#### Exercise instructions:
Filter the data below, keeping only lines that contain "taper".
*** Extracted data Section Begins ***
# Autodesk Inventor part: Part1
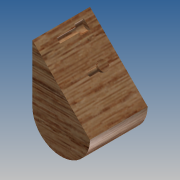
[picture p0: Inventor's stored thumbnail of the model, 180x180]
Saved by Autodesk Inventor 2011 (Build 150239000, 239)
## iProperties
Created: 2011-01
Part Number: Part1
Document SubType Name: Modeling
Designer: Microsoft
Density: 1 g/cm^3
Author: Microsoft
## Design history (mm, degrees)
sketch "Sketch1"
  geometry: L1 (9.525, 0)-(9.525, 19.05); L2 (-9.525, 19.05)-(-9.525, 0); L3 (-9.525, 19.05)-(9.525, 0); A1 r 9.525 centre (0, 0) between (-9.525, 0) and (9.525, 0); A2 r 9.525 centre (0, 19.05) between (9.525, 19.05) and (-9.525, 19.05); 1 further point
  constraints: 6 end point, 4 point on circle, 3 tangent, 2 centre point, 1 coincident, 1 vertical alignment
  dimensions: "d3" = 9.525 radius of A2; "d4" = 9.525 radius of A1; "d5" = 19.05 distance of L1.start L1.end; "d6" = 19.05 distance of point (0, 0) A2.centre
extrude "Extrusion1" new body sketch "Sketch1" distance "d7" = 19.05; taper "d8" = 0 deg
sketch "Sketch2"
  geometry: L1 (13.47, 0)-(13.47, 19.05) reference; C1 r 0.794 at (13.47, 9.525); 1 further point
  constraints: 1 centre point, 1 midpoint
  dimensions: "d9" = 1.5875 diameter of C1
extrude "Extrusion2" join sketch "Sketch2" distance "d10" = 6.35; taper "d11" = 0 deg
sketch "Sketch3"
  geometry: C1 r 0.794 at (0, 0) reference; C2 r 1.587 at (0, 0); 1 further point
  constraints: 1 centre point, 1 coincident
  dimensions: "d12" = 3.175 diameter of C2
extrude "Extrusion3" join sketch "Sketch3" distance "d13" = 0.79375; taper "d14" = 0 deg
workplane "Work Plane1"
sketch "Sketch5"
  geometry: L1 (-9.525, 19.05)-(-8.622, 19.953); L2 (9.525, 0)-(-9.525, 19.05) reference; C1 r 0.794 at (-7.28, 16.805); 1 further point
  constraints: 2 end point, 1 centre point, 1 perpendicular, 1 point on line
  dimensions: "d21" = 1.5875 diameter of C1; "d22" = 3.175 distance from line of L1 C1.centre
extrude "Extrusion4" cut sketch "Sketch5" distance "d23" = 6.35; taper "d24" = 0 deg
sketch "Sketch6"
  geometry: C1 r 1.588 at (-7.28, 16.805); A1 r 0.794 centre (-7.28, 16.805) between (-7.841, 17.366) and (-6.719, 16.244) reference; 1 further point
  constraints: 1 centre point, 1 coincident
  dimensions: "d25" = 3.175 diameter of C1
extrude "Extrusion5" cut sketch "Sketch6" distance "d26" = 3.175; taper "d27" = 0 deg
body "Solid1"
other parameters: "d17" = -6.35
*** Extracted data Section Ends ***
#### Exercise solution:
extrude "Extrusion1" new body sketch "Sketch1" distance "d7" = 19.05; taper "d8" = 0 deg
extrude "Extrusion2" join sketch "Sketch2" distance "d10" = 6.35; taper "d11" = 0 deg
extrude "Extrusion3" join sketch "Sketch3" distance "d13" = 0.79375; taper "d14" = 0 deg
extrude "Extrusion4" cut sketch "Sketch5" distance "d23" = 6.35; taper "d24" = 0 deg
extrude "Extrusion5" cut sketch "Sketch6" distance "d26" = 3.175; taper "d27" = 0 deg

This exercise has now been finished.